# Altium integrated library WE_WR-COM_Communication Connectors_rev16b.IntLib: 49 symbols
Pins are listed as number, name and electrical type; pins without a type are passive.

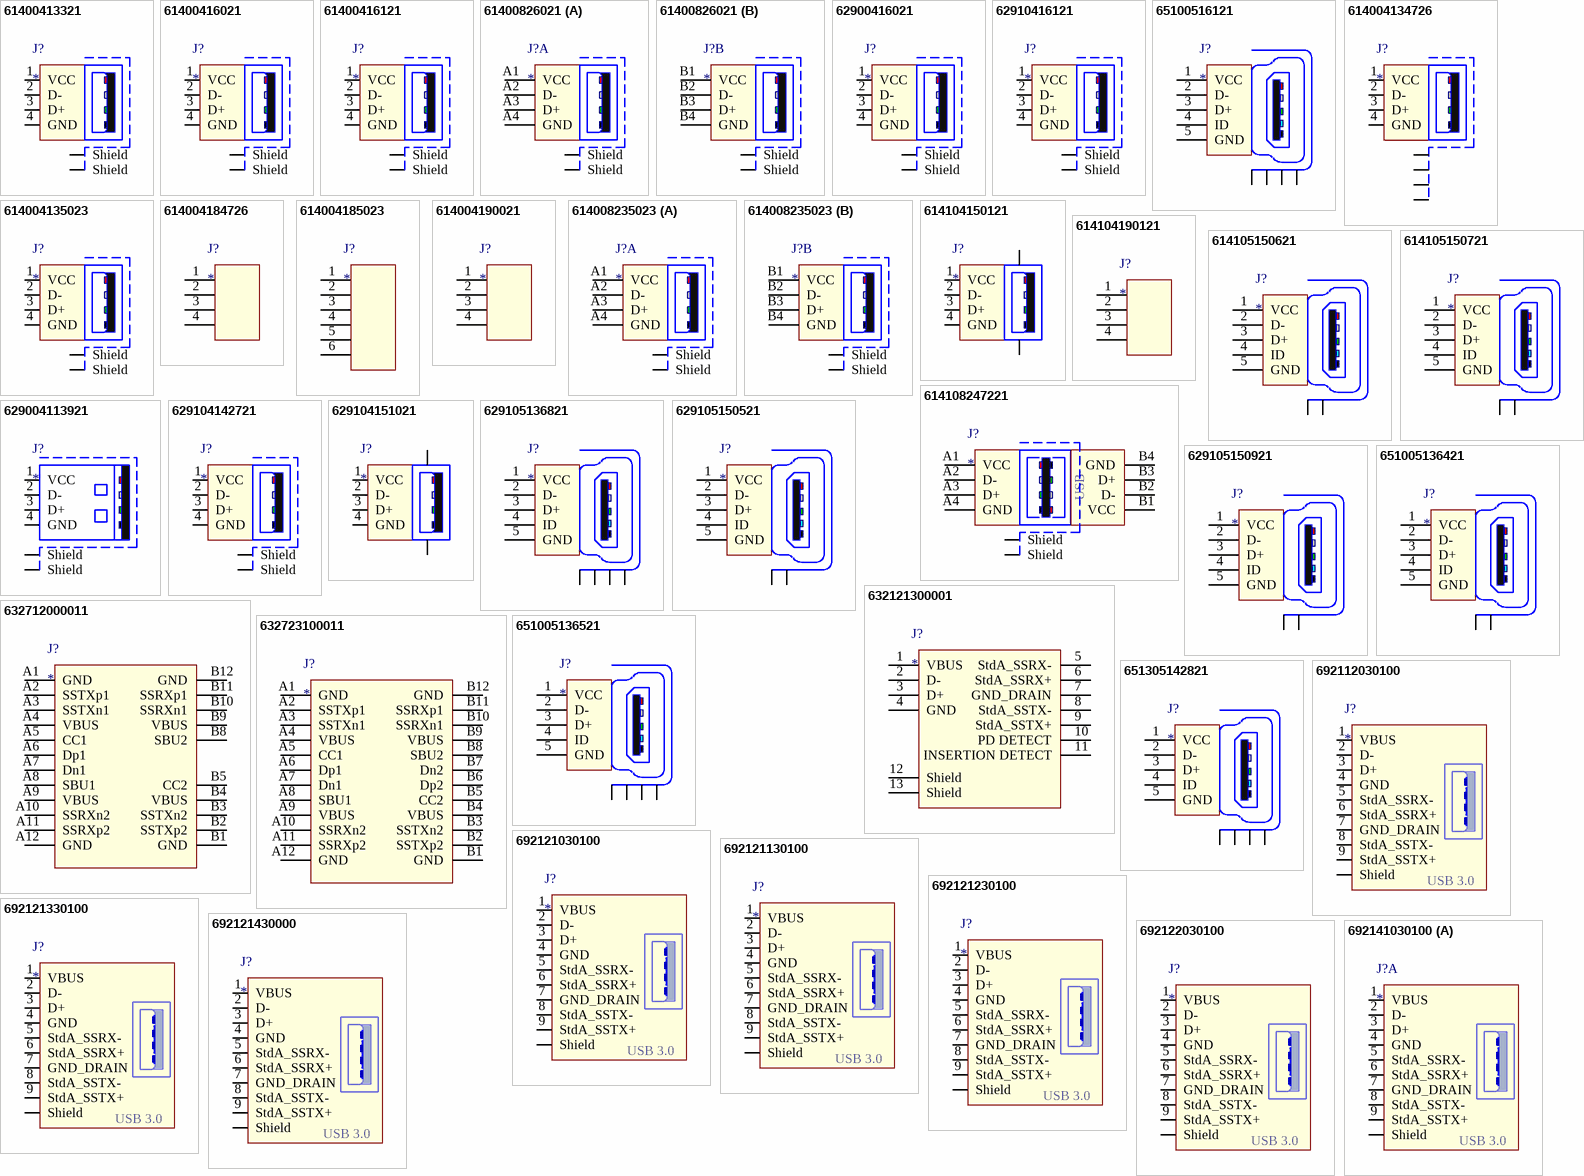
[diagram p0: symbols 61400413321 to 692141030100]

## 61400413321
designator J?
WR-COM USB Vertical Type B; Manufacturer: Würth Elektronik eiSos GmbH; partNo: 61400413321; ComponentLink1 Description: Manufacturer; ComponentLink2 Description: Datasheet; NoPins: 4
footprint 61400413321 (F Str 04p Btype vertical)
pins: 1 VCC, 2 D-, 3 D+, 4 GND, Z1 Shield, Z2 Shield

## 61400416021
designator J?
WR-COM USB RA Type A; Manufacturer: Würth Elektronik eiSos GmbH; partNo: 61400416021; ComponentLink1 Description: Manufacturer; ComponentLink2 Description: Datasheet; NoPins: 4
footprint 61400416021
pins: 1 VCC, 2 D-, 3 D+, 4 GND, Z1 Shield, Z2 Shield

## 61400416121
designator J?
WR-COM Horizontal USB Type B; Manufacturer: Würth Elektronik eiSos GmbH; partNo: 61400416121; ComponentLink1 Description: Manufacturer; ComponentLink2 Description: Datasheet; NoPins: 4
footprint 61400416121
pins: 1 VCC, 2 D-, 3 D+, 4 GND, Z1 Shield, Z2 Shield

## 61400826021
designator J?
WR-COM USB Type A Dual Stacked; Manufacturer: Würth Elektronik eiSos GmbH; partNo: 61400826021; ComponentLink1 Description: Manufacturer; ComponentLink2 Description: Datasheet; NoPins: 8
footprint 61400826021 (2 x 4 pins)
part A pins: A1 VCC, A2 D-, A3 D+, A4 GND, Z1 Shield, Z2 Shield
part B pins: B1 VCC, B2 D-, B3 D+, B4 GND, Z3 Shield, Z4 Shield

## 62900416021
designator J?
WR-COM USB SMT Type A; Manufacturer: Würth Elektronik eiSos GmbH; partNo: 62900416021; ComponentLink1 Description: Manufacturer; ComponentLink2 Description: Datasheet; NoPins: 4
footprint 62900416021
pins: 1 VCC, 2 D-, 3 D+, 4 GND, Z1 Shield, Z2 Shield

## 62910416121
designator J?
WR-COM USB Type B SMT T&R packaging; Manufacturer: Würth Elektronik eiSos GmbH; partNo: 62910416121; ComponentLink1 Description: Manufacturer; ComponentLink2 Description: Datasheet; NoPins: 4
footprint 62910416121 (4 pins)
pins: 1 VCC, 2 D-, 3 D+, 4 GND, Z1 Shield, Z2 Shield

## 65100516121
designator J?
WR-COM Mini USB SMT Type B 5 Contacts; Manufacturer: Würth Elektronik eiSos GmbH; partNo: 65100516121; ComponentLink1 Description: Manufacturer; ComponentLink2 Description: Datasheet; NoPins: 5
footprint 65100516121
pins: 1 VCC, 2 D-, 3 D+, 4 ID, 5 GND, Z1 Shield, Z2 Shield, Z3 Shield, Z4 Shield

## 614004134726
designator J?
WR-COM USB Type A Up-Right; Manufacturer: Würth Elektronik eiSos GmbH; partNo: 614004134726; ComponentLink1 Description: Manufacturer; ComponentLink2 Description: Datasheet; NoPins: 4
footprint 614004134726
pins: 1 VCC, 2 D-, 3 D+, 4 GND, Z1 Shield, Z2 Shield, Z3 Shield, Z4 Shield

## 614004135023
designator J?
WR-COM USB Type A Vertical; Manufacturer: Würth Elektronik eiSos GmbH; partNo: 614004135023; ComponentLink1 Description: Manufacturer; ComponentLink2 Description: Datasheet; NoPins: 4
footprint 614004135023
pins: 1 VCC, 2 D-, 3 D+, 4 GND, Z1 Shield, Z2 Shield

## 614004184726
designator J?
WR-COM_USB_Type A Up Right THT; Manufacturer: Wurth Elektronik; partNo: 614004184726; ComponentLink1 Description: Manufacturer; ComponentLink2 Description: Datasheet; NoPins: 4
footprint 614004184726 (Type A Up Right THT - Short Type)
pins: 1, 2, 3, 4

## 614004185023
designator J?
WR-COM_USB_Type A Vertical THT; Manufacturer: Wurth Elektronik; partNo: 614004185023; ComponentLink1 Description: Manufacturer; ComponentLink2 Description: Datasheet; NoPins: 6
footprint 614004185023 (Type A Vertical THT - with Clips - Short Type)
pins: 1, 2, 3, 4, 5, 6

## 614004190021
designator J?
WR-COM_USB_Type A Horizontal THT; Manufacturer: Wurth Elektronik; partNo: 614004190021; ComponentLink1 Description: Manufacturer; ComponentLink2 Description: Datasheet; NoPins: 4
footprint 614004190021 (Type A Horizontal THT)
pins: 1, 2, 3, 4

## 614008235023
designator J?
WR-COM Dual USB Type A Vertical; Manufacturer: Würth Elektronik eiSos GmbH; partNo: 614008235023; ComponentLink1 Description: Manufacturer; ComponentLink2 Description: Datasheet; NoPins: 8
footprint 614008235023 (2 x 4 pins)
part A pins: A1 VCC, A2 D-, A3 D+, A4 GND, Z1 Shield, Z2 Shield
part B pins: B1 VCC, B2 D-, B3 D+, B4 GND, Z1 Shield, Z2 Shield

## 614104150121
designator J?
WR-COM_USB_Type A_Reverse Horizontal_THT; Manufacturer: Würth Elektronik eiSos GmbH; partNo: 614104150121; ComponentLink1 Description: Manufacturer; ComponentLink2 Description: Datasheet; NoPins: 4
footprint 614104150121 (WR-COM_USB_Type A_Reverse Horizontal_THT Type A Reverse Horizontal THT - with Clips - Slim type for PCB thickness 1.20mm)
pins: 1 VCC, 2 D-, 3 D+, 4 GND, Z1 Shield, Z2 Shield

## 614104190121
designator J?
WR-COM_USB_Type A Horizontal THT; Manufacturer: Wurth Elektronik; partNo: 614104190121; ComponentLink1 Description: Manufacturer; ComponentLink2 Description: Datasheet; NoPins: 4
footprint 614104190121 (Type A Horizontal THT - Short Type)
pins: 1, 2, 3, 4

## 614105150621
designator J?
WR-COM_USB_Micro Type AB_Vertical_THT; Manufacturer: Würth Elektronik eiSos GmbH; partNo: 614105150621; ComponentLink1 Description: Manufacturer; ComponentLink2 Description: Datasheet; NoPins: 5
footprint 614105150621
pins: 1 VCC, 2 D-, 3 D+, 4 ID, 5 GND, Z1 Shield, Z2 Shield

## 614105150721
designator J?
WR-COM_USB_Micro Type B_Vertical_THT; Manufacturer: Würth Elektronik eiSos GmbH; partNo: 614105150721; ComponentLink1 Description: Manufacturer; ComponentLink2 Description: Datasheet; NoPins: 5
footprint 614105150721
pins: 1 VCC, 2 D-, 3 D+, 4 ID, 5 GND, Z1 Shield, Z2 Shield

## 614108247221
designator J?
WR-COM USB 2.0_Reversible_Type A_Horizontal_THT; Manufacturer: Würth Elektronik eiSos GmbH; partNo: 614108247221; ComponentLink1 Description: Manufacturer; ComponentLink2 Description: Datasheet; NoPins: 8
footprint 614108247221 (WR-COM USB_Reversible_Type A_Horizontal_THT_Black)
pins: A1 VCC, A2 D-, A3 D+, A4 GND, B1 VCC, B2 D-, B3 D+, B4 GND, Z1 Shield, Z2 Shield

## 629004113921
designator J?
WR-COM USB Type A SMT with Clip; Manufacturer: Würth Elektronik eiSos GmbH; partNo: 629004113921; ComponentLink1 Description: Manufacturer; ComponentLink2 Description: Datasheet; NoPins: 4
footprint 629004113921
pins: 1 VCC, 2 D-, 3 D+, 4 GND, Z1 Shield, Z2 Shield

## 629104142721
designator J?
WR-COM USB Type B SMT T&R packaging; Manufacturer: Würth Elektronik eiSos GmbH; partNo: 629104142721; ComponentLink1 Description: Manufacturer; ComponentLink2 Description: Datasheet; NoPins: 4
footprint 629104142721
pins: 1 VCC, 2 D-, 3 D+, 4 GND, Z1 Shield, Z2 Shield

## 629104151021
designator J?
WR-COM_USB_Type A_Horizontal_SMT; Manufacturer: Würth Elektronik eiSos GmbH; partNo: 629104151021; ComponentLink1 Description: Manufacturer; ComponentLink2 Description: Datasheet; NoPins: 4
footprint 629104151021
pins: 1 VCC, 2 D-, 3 D+, 4 GND, Z1 Shield, Z2 Shield

## 629105136821
designator J?
WR-COM Micro USB SMT Type B; Manufacturer: Würth Elektronik eiSos GmbH; partNo: 629105136821; ComponentLink1 Description: Manufacturer; ComponentLink2 Description: Datasheet; NoPins: 5
footprint 629105136821
pins: 1 VCC, 2 D-, 3 D+, 4 ID, 5 GND, Z1 Shield, Z2 Shield, Z3 Shield, Z4 Shield

## 629105150521
designator J?
WR-COM_USB_Micro Type B_Horizontal_SMT; Manufacturer: Würth Elektronik eiSos GmbH; partNo: 629105150521; ComponentLink1 Description: Manufacturer; ComponentLink2 Description: Datasheet; NoPins: 5
footprint 629105150521
pins: 1 VCC, 2 D-, 3 D+, 4 ID, 5 GND, Z1 Shield, Z2 Shield

## 629105150921
designator J?
WR-COM_USB_Micro Type AB_Horizontal_SMT; Manufacturer: Würth Elektronik eiSos GmbH; partNo: 629105150921; ComponentLink1 Description: Manufacturer; ComponentLink2 Description: Datasheet; NoPins: 5
footprint 629105150921 (WR-COM_USB_Micro Type AB_Horizontal_SMT Micro Type AB Horizontal SMT - with Pegs - T&R Packaging)
pins: 1 VCC, 2 D-, 3 D+, 4 ID, 5 GND, Z1 Shield, Z2 Shield

## 632121300001
designator J?
WR-COM_USB_USB 3.1_Type A_Horizontal_THT; Manufacturer: Wurth Elektronik; partNo: 632121300001; ComponentLink1 Description: Manufacturer; ComponentLink2 Description: Datasheet; NoPins: 13
footprint 632121300001 (USB 3.1_Type A_Horizontal_THT)
pins: 1 VBUS, 2 D-, 3 D+, 4 GND, 5 StdA_SSRX-, 6 StdA_SSRX+, 7 GND_DRAIN, 8 StdA_SSTX-, 9 StdA_SSTX+, 10 PD DETECT, 11 INSERTION DETECT, 12 Shield, 13 Shield

## 632712000011
designator J?
WR-COM_USB_Type C Plug Horizontal SMT; Manufacturer: Wurth Elektronik; partNo: 632712000011; ComponentLink1 Description: Manufacturer; ComponentLink2 Description: Datasheet; NoPins: 22
footprint 632712000011 (Type C Plug Horizontal SMT)
pins: A1 GND, A2 SSTXp1, A3 SSTXn1, A4 VBUS, A5 CC1, A6 Dp1, A7 Dn1, A8 SBU1, A9 VBUS, A10 SSRXn2, A11 SSRXp2, A12 GND, B1 GND, B2 SSTXp2, B3 SSTXn2, B4 VBUS, B5 CC2, B8 SBU2, B9 VBUS, B10 SSRXn1, B11 SSRXp1, B12 GND

## 632723100011
designator J?
WR-COM_USB_USB 3.1_Type C_Horizontal_THT/SMT; Manufacturer: Wurth Elektronik; partNo: 632723100011; ComponentLink1 Description: Manufacturer; ComponentLink2 Description: Datasheet; NoPins: 24
footprint 632723100011 (USB 3.1_Type C_Horizontal_THT/SMT_1.0mm)
pins: A1 GND, A2 SSTXp1, A3 SSTXn1, A4 VBUS, A5 CC1, A6 Dp1, A7 Dn1, A8 SBU1, A9 VBUS, A10 SSRXn2, A11 SSRXp2, A12 GND, B1 GND, B2 SSTXp2, B3 SSTXn2, B4 VBUS, B5 CC2, B6 Dp2, B7 Dn2, B8 SBU2, B9 VBUS, B10 SSRXn1, B11 SSRXp1, B12 GND

## 651005136421
designator J?
WR-COM Mini USB Vertical TH Type B 5 Contacts; Manufacturer: Würth Elektronik eiSos GmbH; partNo: 651005136421; ComponentLink1 Description: Manufacturer; ComponentLink2 Description: Datasheet; NoPins: 5
footprint 651005136421
pins: 1 VCC, 2 D-, 3 D+, 4 ID, 5 GND, Z1 Shield, Z2 Shield

## 651005136521
designator J?
WR-COM Mini USB Horizontal TH Type B 5 Contacts; Manufacturer: Würth Elektronik eiSos GmbH; partNo: 651005136521; ComponentLink1 Description: Manufacturer; ComponentLink2 Description: Datasheet; NoPins: 5
footprint 651005136521
pins: 1 VCC, 2 D-, 3 D+, 4 ID, 5 GND, Z1 Shield, Z2 Shield, Z3 Shield, Z4 Shield

## 651305142821
designator J?
WR-COM Mini USB SMT Type AB 5 Contacts; Manufacturer: Würth Elektronik eiSos GmbH; partNo: 651305142821; ComponentLink1 Description: Manufacturer; ComponentLink2 Description: Datasheet; NoPins: 5
footprint 651305142821
pins: 1 VCC, 2 D-, 3 D+, 4 ID, 5 GND, Z1 Shield, Z2 Shield, Z3 Shield, Z4 Shield

## 692112030100
designator J?
WR-COM USB 3.0 Horizontal Plug Type A; Manufacturer: Würth Elektronik eiSos GmbH; partNo: 692112030100; ComponentLink1 Description: Manufacturer; ComponentLink2 Description: Datasheet; NoPins: 9
footprint 692112030100
pins: 1 VBUS, 2 D-, 3 D+, 4 GND, 5 StdA_SSRX-, 6 StdA_SSRX+, 7 GND_DRAIN, 8 StdA_SSTX-, 9 StdA_SSTX+, Z1 Shield

## 692121030100
designator J?
WR-COM USB 3.0 Horizontal Type A; Manufacturer: Würth Elektronik eiSos GmbH; partNo: 692121030100; ComponentLink1 Description: Manufacturer; ComponentLink2 Description: Datasheet; NoPins: 9
footprint 692121030100
pins: 1 VBUS, 2 D-, 3 D+, 4 GND, 5 StdA_SSRX-, 6 StdA_SSRX+, 7 GND_DRAIN, 8 StdA_SSTX-, 9 StdA_SSTX+, Z1 Shield

## 692121130100
designator J?
WR-COM USB 3.0 Horizontal Type A; Manufacturer: Würth Elektronik eiSos GmbH; partNo: 692121130100; ComponentLink1 Description: Manufacturer; ComponentLink2 Description: Datasheet; NoPins: 9
footprint 692121130100
pins: 1 VBUS, 2 D-, 3 D+, 4 GND, 5 StdA_SSRX-, 6 StdA_SSRX+, 7 GND_DRAIN, 8 StdA_SSTX-, 9 StdA_SSTX+, Z1 Shield

## 692121230100
designator J?
WR-COM USB 3.0 Horizontal Type A; Manufacturer: Würth Elektronik eiSos GmbH; partNo: 692121230100; ComponentLink1 Description: Manufacturer; ComponentLink2 Description: Datasheet; NoPins: 9
footprint 692121230100
pins: 1 VBUS, 2 D-, 3 D+, 4 GND, 5 StdA_SSRX-, 6 StdA_SSRX+, 7 GND_DRAIN, 8 StdA_SSTX-, 9 StdA_SSTX+, Z1 Shield

## 692121330100
designator J?
WR-COM USB 3.0 Horizontal Type A; Manufacturer: Würth Elektronik eiSos GmbH; partNo: 692121330100; ComponentLink1 Description: Manufacturer; ComponentLink2 Description: Datasheet; NoPins: 9
footprint 692121330100
pins: 1 VBUS, 2 D-, 3 D+, 4 GND, 5 StdA_SSRX-, 6 StdA_SSRX+, 7 GND_DRAIN, 8 StdA_SSTX-, 9 StdA_SSTX+, Z1 Shield

## 692121430000
designator J?
WR-COM USB 3.0 Vertical Type A; Manufacturer: Würth Elektronik eiSos GmbH; partNo: 692121430000; ComponentLink1 Description: Manufacturer; ComponentLink2 Description: Datasheet; NoPins: 9
footprint 692121430000
pins: 1 VBUS, 2 D-, 3 D+, 4 GND, 5 StdA_SSRX-, 6 StdA_SSRX+, 7 GND_DRAIN, 8 StdA_SSTX-, 9 StdA_SSTX+, Z1 Shield

## 692122030100
designator J?
WR-COM USB 3.0 Horizontal Type A; Manufacturer: Würth Elektronik eiSos GmbH; partNo: 692122030100; ComponentLink1 Description: Manufacturer; ComponentLink2 Description: Datasheet; NoPins: 9
footprint 692122030100
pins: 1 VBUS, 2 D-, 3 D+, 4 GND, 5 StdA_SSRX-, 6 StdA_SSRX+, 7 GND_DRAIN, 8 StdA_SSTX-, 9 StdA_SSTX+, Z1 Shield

★ ★ ★

Only the lines from the top of the records through the line with "WR-COM USB Vertical" belong in the copy; write them out exactly, leaving out pictures.

▶ _Written answer_:
# Altium integrated library WE_WR-COM_Communication Connectors_rev16b.IntLib: 49 symbols
Pins are listed as number, name and electrical type; pins without a type are passive.

[diagram p0: symbols 61400413321 to 692141030100]

## 61400413321
designator J?
WR-COM USB Vertical Type B; Manufacturer: Würth Elektronik eiSos GmbH; partNo: 61400413321; ComponentLink1 Description: Manufacturer; ComponentLink2 Description: Datasheet; NoPins: 4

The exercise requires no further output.